Settings such as where to find LaTeX etc. can be set by altering the EnvironmentOptions value, in this case we just use defaultEnv defaults. Settings such as the LaTeX environment to use, the preamble, and the DPI can be set in the FormulaOptions value, in this case we use the displaymath defaults.

latex-formulae-pandoc

If you want to integrate with pandoc programmatically, you can use the latex-formulae-pandoc package. This package includes functions that allow you to transform pandoc documents. If you’re happy to embed the images directly inside the HTML, then convertAllFormulaeDataURI is easiest:

imagesForFormulae :: Pandoc -> IO Pandoc
imagesForFormulae doc = convertAllFormulaeDataURI defaultEnv defaultPandocFormulaOptions doc

The above example function can be inserted between any Pandoc reader and an HTML writer, producing embedded images inside the HTML output using data URIs.

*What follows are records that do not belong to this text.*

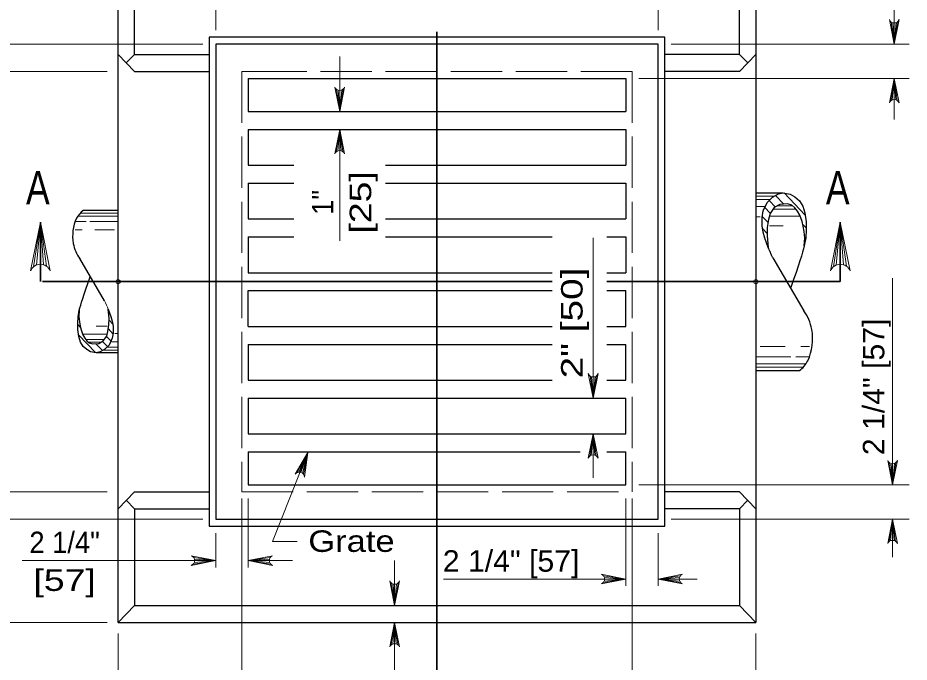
# Model space of a CAD drawing. Extents: x -410.5 to -376.5, y 1617.6 to 1661.6.
# Drawn here: x -395.5 to -389.04, y 1643.13 to 1647.8 of the extents above; entities that cross this region are included whole.
import ezdxf
from ezdxf.enums import TextEntityAlignment as Align

# ---------------------------------------------------------------- set-up
doc = ezdxf.new("R2010")
doc.units = 0
doc.header["$LTSCALE"] = 0.062
doc.header["$PDMODE"] = 32
doc.header["$PDSIZE"] = 0.031
doc.linetypes.add('LONG_DASHED', pattern=[7.5, 6, -1.5])
doc.layers.add('1', color=7, linetype='Continuous', lineweight=13)

msp = doc.modelspace()

# ---------------------------------------------------------------- linework, layer by layer
at = {"layer": '1'}
for p, q in [((-394.06925, 1647.71192), (-394.06925, 1649.99775)), ((-390.85967, 1647.71192), (-390.85967, 1649.99775)), ((-389.148, 1647.61192), (-389.148, 1649.10725)), ((-389.17042, 1647.77217), (-389.148, 1647.61192)), ((-389.15925, 1647.76675), (-389.148, 1647.61192)), ((-389.12317, 1647.77408), (-389.148, 1647.61192)), ((-389.13358, 1647.76792), (-389.148, 1647.61192)), ((-389.148, 1647.76508), (-389.148, 1647.61192)), ((-394.16367, 1647.61192), (-395.76017, 1647.61192)), ((-390.76525, 1647.61192), (-389.03958, 1647.61192)), ((-393.16992, 1647.12225), (-393.16992, 1647.522)), ((-394.85592, 1647.41208), (-396.20775, 1647.41208)), ((-391.00125, 1647.36208), (-389.03958, 1647.36208)), ((-389.17275, 1647.2), (-389.148, 1647.36208)), ((-389.16233, 1647.20608), (-389.148, 1647.36208)), ((-389.148, 1647.36208), (-389.148, 1647.06383)), ((-389.148, 1647.20892), (-389.148, 1647.36208)), ((-389.13667, 1647.20725), (-389.148, 1647.36208)), ((-389.12558, 1647.20183), (-389.148, 1647.36208)), ((-393.19233, 1647.2825), (-393.16992, 1647.12225)), ((-393.18125, 1647.27708), (-393.16992, 1647.12225)), ((-393.14508, 1647.28433), (-393.16992, 1647.12225)), ((-393.1555, 1647.27825), (-393.16992, 1647.12225)), ((-393.16992, 1647.27542), (-393.16992, 1647.12225)), ((-393.19467, 1646.83017), (-393.16992, 1646.99233)), ((-393.18433, 1646.83633), (-393.16992, 1646.99233)), ((-393.16992, 1646.83917), (-393.16992, 1646.99233)), ((-393.15858, 1646.8375), (-393.16992, 1646.99233)), ((-393.1475, 1646.83208), (-393.16992, 1646.99233)), ((-393.16992, 1646.99233), (-393.16992, 1646.18383)), ((-389.94633, 1646.53167), (-389.79333, 1646.36975)), ((-390.15167, 1646.508), (-390.01867, 1646.508)), ((-390.15167, 1646.483), (-390.04942, 1646.483)), ((-390.05517, 1646.47725), (-390.01008, 1646.42958)), ((-390.00908, 1646.51333), (-389.9495, 1646.45025)), ((-390.15167, 1646.43308), (-390.08358, 1646.43308)), ((-390.08683, 1646.42608), (-390.047, 1646.38392)), ((-390.0265, 1646.41292), (-389.85992, 1646.41292)), ((-389.99558, 1646.43792), (-389.88425, 1646.43792)), ((-395.00933, 1646.324), (-395.08858, 1646.324)), ((-394.77725, 1646.364), (-395.06875, 1646.364)), ((-394.77725, 1646.384), (-395.0525, 1646.384)), ((-394.77725, 1646.324), (-394.98117, 1646.324)), ((-390.15167, 1646.35808), (-390.12142, 1646.35808)), ((-390.10508, 1646.36058), (-390.06342, 1646.31642)), ((-390.05375, 1646.36292), (-389.82933, 1646.36292)), ((-395.39008, 1645.99633), (-395.3405, 1646.32058)), ((-395.36933, 1646.00858), (-395.3405, 1646.32058)), ((-395.3405, 1646.01425), (-395.3405, 1646.32058)), ((-395.31783, 1646.011), (-395.3405, 1646.32058)), ((-395.29567, 1646.00008), (-395.3405, 1646.32058)), ((-395.0375, 1646.26408), (-395.08858, 1646.26408)), ((-394.80308, 1646.26408), (-394.94692, 1646.26408)), ((-390.10317, 1646.27383), (-390.06958, 1646.23825)), ((-390.05225, 1646.29217), (-389.95333, 1646.29217)), ((-389.81092, 1646.30342), (-389.78608, 1646.27733)), ((-389.58875, 1645.99633), (-389.53917, 1646.32058)), ((-389.568, 1646.00858), (-389.53917, 1646.32058)), ((-389.53917, 1646.01425), (-389.53917, 1646.32058)), ((-389.5165, 1646.011), (-389.53917, 1646.32058)), ((-389.49433, 1646.00008), (-389.53917, 1646.32058)), ((-391.33167, 1645.04342), (-391.33167, 1646.20592)), ((-389.79725, 1646.20433), (-389.791, 1646.19767)), ((-389.79717, 1646.20175), (-389.79133, 1646.1955)), ((-390.06733, 1646.151), (-390.06308, 1646.1465)), ((-390.0635, 1646.14042), (-390.06242, 1646.13933)), ((-389.799, 1646.16833), (-389.79675, 1646.16592)), ((-389.16, 1644.41383), (-389.16, 1645.91267)), ((-394.84783, 1645.686), (-394.84867, 1645.68692)), ((-394.84475, 1645.6775), (-394.84817, 1645.68117)), ((-395.06075, 1645.63483), (-395.06583, 1645.64017)), ((-395.06083, 1645.63692), (-395.0655, 1645.64192)), ((-395.05933, 1645.66358), (-395.06125, 1645.66558)), ((-395.04992, 1645.55558), (-395.06975, 1645.57642)), ((-394.85683, 1645.56467), (-394.93592, 1645.56467)), ((-394.81608, 1645.57925), (-394.84283, 1645.60767)), ((-394.9415, 1645.373), (-395.06392, 1645.5025)), ((-394.85558, 1645.508), (-395.03517, 1645.508)), ((-394.82908, 1645.45742), (-394.861, 1645.49117)), ((-394.81458, 1645.50983), (-394.84792, 1645.54517)), ((-394.77725, 1645.51183), (-394.8015, 1645.51183)), ((-394.87742, 1645.468), (-395.01067, 1645.468)), ((-394.90208, 1645.448), (-394.99117, 1645.448)), ((-394.89133, 1645.38767), (-394.939, 1645.438)), ((-394.8545, 1645.4165), (-394.8905, 1645.45467)), ((-394.77725, 1645.45183), (-394.83167, 1645.45183)), ((-390.11942, 1645.41783), (-389.93958, 1645.41783)), ((-389.82642, 1645.41783), (-389.76258, 1645.41783)), ((-394.77725, 1645.39192), (-394.88367, 1645.39192)), ((-394.77725, 1645.41192), (-394.85908, 1645.41192)), ((-390.15167, 1645.34283), (-389.89675, 1645.34283)), ((-390.15167, 1645.29283), (-389.78733, 1645.29283)), ((-389.8615, 1645.34283), (-389.76258, 1645.34283)), ((-390.15167, 1645.26792), (-389.80758, 1645.26792)), ((-391.35408, 1645.20367), (-391.33167, 1645.04342)), ((-391.343, 1645.19825), (-391.33167, 1645.04342)), ((-391.30692, 1645.20558), (-391.33167, 1645.04342)), ((-391.31725, 1645.19942), (-391.33167, 1645.04342)), ((-391.33167, 1645.19658), (-391.33167, 1645.04342)), ((-391.35642, 1644.62142), (-391.33167, 1644.78358)), ((-391.34608, 1644.62758), (-391.33167, 1644.78358)), ((-391.33167, 1644.78358), (-391.33167, 1644.46483)), ((-391.33167, 1644.63042), (-391.33167, 1644.78358)), ((-391.32033, 1644.62875), (-391.33167, 1644.78358)), ((-391.30925, 1644.62333), (-391.33167, 1644.78358)), ((-393.47717, 1644.50283), (-393.402, 1644.64867)), ((-393.46533, 1644.50533), (-393.402, 1644.64867)), ((-393.45083, 1644.5035), (-393.402, 1644.64867)), ((-393.44058, 1644.49833), (-393.402, 1644.64867)), ((-393.43183, 1644.48958), (-393.402, 1644.64867)), ((-389.13525, 1644.57592), (-389.16, 1644.41383)), ((-389.18242, 1644.574), (-389.16, 1644.41383)), ((-389.17133, 1644.56858), (-389.16, 1644.41383)), ((-389.14558, 1644.56975), (-389.16, 1644.41383)), ((-389.16, 1644.56692), (-389.16, 1644.41383)), ((-391.00125, 1644.41383), (-389.03958, 1644.41383)), ((-394.85592, 1644.36383), (-396.20775, 1644.36383)), ((-393.8805, 1644.31383), (-393.8805, 1642.69608)), ((-393.83325, 1644.31383), (-393.83325, 1643.81417)), ((-391.09567, 1644.31383), (-391.09567, 1643.68017)), ((-391.0485, 1644.31383), (-391.0485, 1642.69608)), ((-394.16367, 1644.16392), (-395.76017, 1644.16392)), ((-390.76525, 1644.164), (-389.03958, 1644.164)), ((-389.18475, 1644.00192), (-389.16, 1644.164)), ((-389.17442, 1644.008), (-389.16, 1644.164)), ((-389.16, 1644.01083), (-389.16, 1644.164)), ((-389.14867, 1644.00917), (-389.16, 1644.164)), ((-389.13758, 1644.00375), (-389.16, 1644.164)), ((-389.16, 1644.164), (-389.16, 1643.89008)), ((-394.06925, 1644.064), (-394.06925, 1643.81417)), ((-390.85967, 1644.06408), (-390.85967, 1643.68025)), ((-394.2295, 1643.8865), (-394.06925, 1643.86408)), ((-394.22408, 1643.87542), (-394.06925, 1643.86408)), ((-393.673, 1643.8865), (-393.83325, 1643.86408)), ((-393.67842, 1643.87542), (-393.83325, 1643.86408)), ((-394.06925, 1643.86408), (-395.47375, 1643.86408)), ((-394.23142, 1643.83933), (-394.06925, 1643.86408)), ((-394.22525, 1643.84975), (-394.06925, 1643.86408)), ((-394.22242, 1643.86408), (-394.06925, 1643.86408)), ((-393.51167, 1643.86408), (-393.83325, 1643.86408)), ((-393.68008, 1643.86408), (-393.83325, 1643.86408)), ((-393.67725, 1643.84975), (-393.83325, 1643.86408)), ((-393.67117, 1643.83933), (-393.83325, 1643.86408)), ((-392.77125, 1643.53933), (-392.77125, 1643.86392)), ((-391.25592, 1643.75258), (-391.09567, 1643.73017)), ((-391.2505, 1643.74142), (-391.09567, 1643.73017)), ((-390.69942, 1643.75267), (-390.85967, 1643.73025)), ((-390.70483, 1643.7415), (-390.85967, 1643.73025)), ((-392.79367, 1643.6995), (-392.77125, 1643.53933)), ((-392.78258, 1643.69408), (-392.77125, 1643.53933)), ((-392.7465, 1643.70142), (-392.77125, 1643.53933)), ((-392.75683, 1643.69533), (-392.77125, 1643.53933)), ((-392.77125, 1643.6925), (-392.77125, 1643.53933)), ((-391.09567, 1643.73017), (-392.41625, 1643.73017)), ((-391.25783, 1643.70533), (-391.09567, 1643.73017)), ((-391.25167, 1643.71575), (-391.09567, 1643.73017)), ((-391.24883, 1643.73017), (-391.09567, 1643.73017)), ((-390.85967, 1643.73025), (-390.5765, 1643.73025)), ((-390.7065, 1643.73025), (-390.85967, 1643.73025)), ((-390.70367, 1643.71583), (-390.85967, 1643.73025)), ((-390.6975, 1643.70542), (-390.85967, 1643.73025)), ((-394.85592, 1643.41433), (-396.20775, 1643.41433)), ((-392.79608, 1643.25225), (-392.77125, 1643.41433)), ((-392.78567, 1643.25833), (-392.77125, 1643.41433)), ((-392.77125, 1643.41433), (-392.77125, 1642.19508)), ((-392.77125, 1643.26117), (-392.77125, 1643.41433)), ((-392.75992, 1643.25958), (-392.77125, 1643.41433)), ((-392.74883, 1643.25417), (-392.77125, 1643.41433)), ((-394.77725, 1643.33567), (-394.77725, 1642.69608)), ((-390.15167, 1643.33575), (-390.15167, 1642.69608))]:
    msp.add_line(p, q, dxfattribs=at)
at = {"layer": '1', "lineweight": 25}
for p, q in [((-394.65925, 1647.537), (-394.65925, 1648.23658)), ((-390.26983, 1647.537), (-390.26983, 1648.23658)), ((-394.06925, 1647.61192), (-394.06925, 1644.16392)), ((-390.85967, 1647.61192), (-394.06925, 1647.61192)), ((-390.85967, 1644.164), (-390.85967, 1647.61192)), ((-394.65925, 1647.41208), (-394.77725, 1647.537)), ((-394.65925, 1647.537), (-394.71825, 1647.4745)), ((-390.26983, 1647.537), (-390.81258, 1647.537)), ((-390.26983, 1647.41208), (-390.15183, 1647.537)), ((-390.26983, 1647.537), (-390.21083, 1647.4745)), ((-393.83325, 1647.36208), (-393.83325, 1647.12225)), ((-391.09567, 1647.36208), (-391.09567, 1647.12225)), ((-390.26983, 1647.41208), (-390.81258, 1647.41208)), ((-393.83325, 1647.12225), (-391.09567, 1647.12225)), ((-393.83325, 1646.99233), (-391.09567, 1646.99233)), ((-393.83325, 1646.99233), (-393.83325, 1646.73242)), ((-391.09567, 1646.99233), (-391.09567, 1646.73242)), ((-393.83325, 1646.73242), (-393.50292, 1646.73242)), ((-392.83767, 1646.73242), (-391.09567, 1646.73242)), ((-393.83325, 1646.6025), (-393.83325, 1646.34267)), ((-393.83325, 1646.6025), (-393.50292, 1646.6025)), ((-392.83767, 1646.6025), (-391.09567, 1646.6025)), ((-391.09567, 1646.6025), (-391.09567, 1646.34267)), ((-390.15167, 1646.533), (-389.95292, 1646.533)), ((-394.77725, 1646.404), (-395.03008, 1646.404)), ((-393.83325, 1646.34267), (-393.50292, 1646.34267)), ((-392.83767, 1646.34267), (-391.09567, 1646.34267)), ((-393.83325, 1646.21275), (-393.83325, 1645.95292)), ((-393.83325, 1646.21275), (-393.50292, 1646.21275)), ((-392.83767, 1646.21275), (-391.63008, 1646.21275)), ((-391.23208, 1646.21275), (-391.09567, 1646.21275)), ((-391.09567, 1646.21275), (-391.09567, 1645.95292)), ((-394.87625, 1645.74983), (-395.05542, 1646.05633)), ((-390.028, 1646.0605), (-389.804, 1645.67742)), ((-393.83325, 1645.95292), (-391.63008, 1645.95292)), ((-391.23208, 1645.95292), (-391.09567, 1645.95292)), ((-393.83325, 1645.56317), (-393.83325, 1645.823)), ((-393.83325, 1645.823), (-391.63008, 1645.823)), ((-391.23208, 1645.823), (-391.09567, 1645.823)), ((-391.09567, 1645.56317), (-391.09567, 1645.823)), ((-393.83325, 1645.56317), (-391.63008, 1645.56317)), ((-391.23208, 1645.56317), (-391.09567, 1645.56317)), ((-393.83325, 1645.43317), (-393.83325, 1645.17333)), ((-393.83325, 1645.43317), (-391.63008, 1645.43317)), ((-391.23208, 1645.43317), (-391.09567, 1645.43317)), ((-391.09567, 1645.17333), (-391.09567, 1645.43317)), ((-394.77725, 1645.37192), (-394.93633, 1645.37192)), ((-390.15167, 1645.24292), (-389.83567, 1645.24292)), ((-393.83325, 1645.17333), (-391.63008, 1645.17333)), ((-391.23225, 1645.17333), (-391.09567, 1645.17333)), ((-393.83325, 1645.04342), (-391.09567, 1645.04342)), ((-393.83325, 1645.04342), (-393.83325, 1644.78358)), ((-391.09567, 1644.78358), (-391.09567, 1645.04342)), ((-393.83325, 1644.78358), (-391.09567, 1644.78358)), ((-393.83325, 1644.65367), (-393.83325, 1644.41383)), ((-393.83325, 1644.65367), (-391.42617, 1644.65367)), ((-391.23225, 1644.65367), (-391.09567, 1644.65367)), ((-391.09567, 1644.41392), (-391.09567, 1644.65367)), ((-394.65925, 1644.36383), (-394.77725, 1644.23892)), ((-390.26983, 1644.36383), (-390.81258, 1644.36383)), ((-390.26983, 1644.36383), (-390.15183, 1644.23892)), ((-394.65925, 1644.23892), (-394.71825, 1644.30133)), ((-390.26983, 1644.23892), (-390.21083, 1644.30133)), ((-394.65925, 1644.23892), (-394.65925, 1643.53933)), ((-390.26983, 1644.23892), (-390.81258, 1644.23892)), ((-390.26983, 1644.23892), (-390.26983, 1643.53933)), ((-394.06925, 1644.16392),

If you would rather they be stored as separate PNG images in a directory called static, convertAllFormulaeFiles can be used:

imagesForFormulae :: Pandoc -> IO Pandoc
imagesForFormulae doc = do ns <- newNameSupply 
                           convertAllFormulaeFiles ns "static" defaultEnv defaultPandocFormulaOptions doc

There are also more general versions of the convertFormula* functions, named `convertFormula*With`, which allow the actual function that does the rendering of formulae to be altered. This is so that you can insert image caching or other image postprocessing into the renderer.

latex-formulae-hakyll

Currently only Data URI embedding is supported for Hakyll, but using it should be as simple as the following minimal example:

main = do
   renderFormulae <- initFormulaCompilerDataURI 1000 defaultEnv
   hakyll $
     match "posts/*.markdown" $ do
       route $ setExtension "html"
       compile $ pandocCompilerWithTransformM defaultHakyllReaderOptions defaultHakyllWriterOptions
               $ renderFormulae defaultPandocFormulaOptions

If for whatever reason you don’t want to have formula caching for @watch@ servers, you can just use this simpler form:

main =
   hakyll $
     match "posts/*.markdown" $ do
       route $ setExtension "html"
       compile $ pandocCompilerWithTransformM defaultHakyllReaderOptions defaultHakyllWriterOptions
               $ compileFormulaeDataURI defaultEnv defaultPandocFormulaOptions

As a pandoc filter

The latex-formulae-pandoc library comes with a simple example filter executable, called latex-formulae-filter. If you stack install or cabal install it to your $PATH, you can use it with pandoc like so:

pandoc -s --filter=latex-formulae-filter -o output.html input.html

The source code for this program is very simple:

import Image.LaTeX.Render.Pandoc
import Image.LaTeX.Render
import Text.Pandoc.JSON

main :: IO ()
main = toJSONFilter $ convertFormulaDataURI defaultEnv defaultPandocFormulaOptions

This filter embeds the images with data URIs. To use files, follow the same routine as above:

import Image.LaTeX.Render.Pandoc
import Image.LaTeX.Render
import Text.Pandoc.JSON

main :: IO ()
main = do ns <- newNameSupply
          toJSONFilter $ convertFormulaFiles ns "static" defaultEnv defaultPandocFormulaOptions

Adjust the various options by altering the defaultPandocFormulaOptions and defaultEnv terms in this program, as described in the Haddock documentation.

Example/Demo

Writing the following markdown:

Lines (that is, $f(x) = mx + b$) are of degree 1, whereas quadratics (that is, 
$f(x) = ax^2 + bx + c$) are of degree 2. Solve quadratics with the quadratic
formula:

$$x=\frac{-b\pm\sqrt{b^2-4ac}}{2a}$$

Enough high school algebra for now!

Leads to this output! Pretty nifty :)

Future work

I would like to add files support for Hakyll websites, but it’s not clear how this would interact with Hakyll’s compiler system.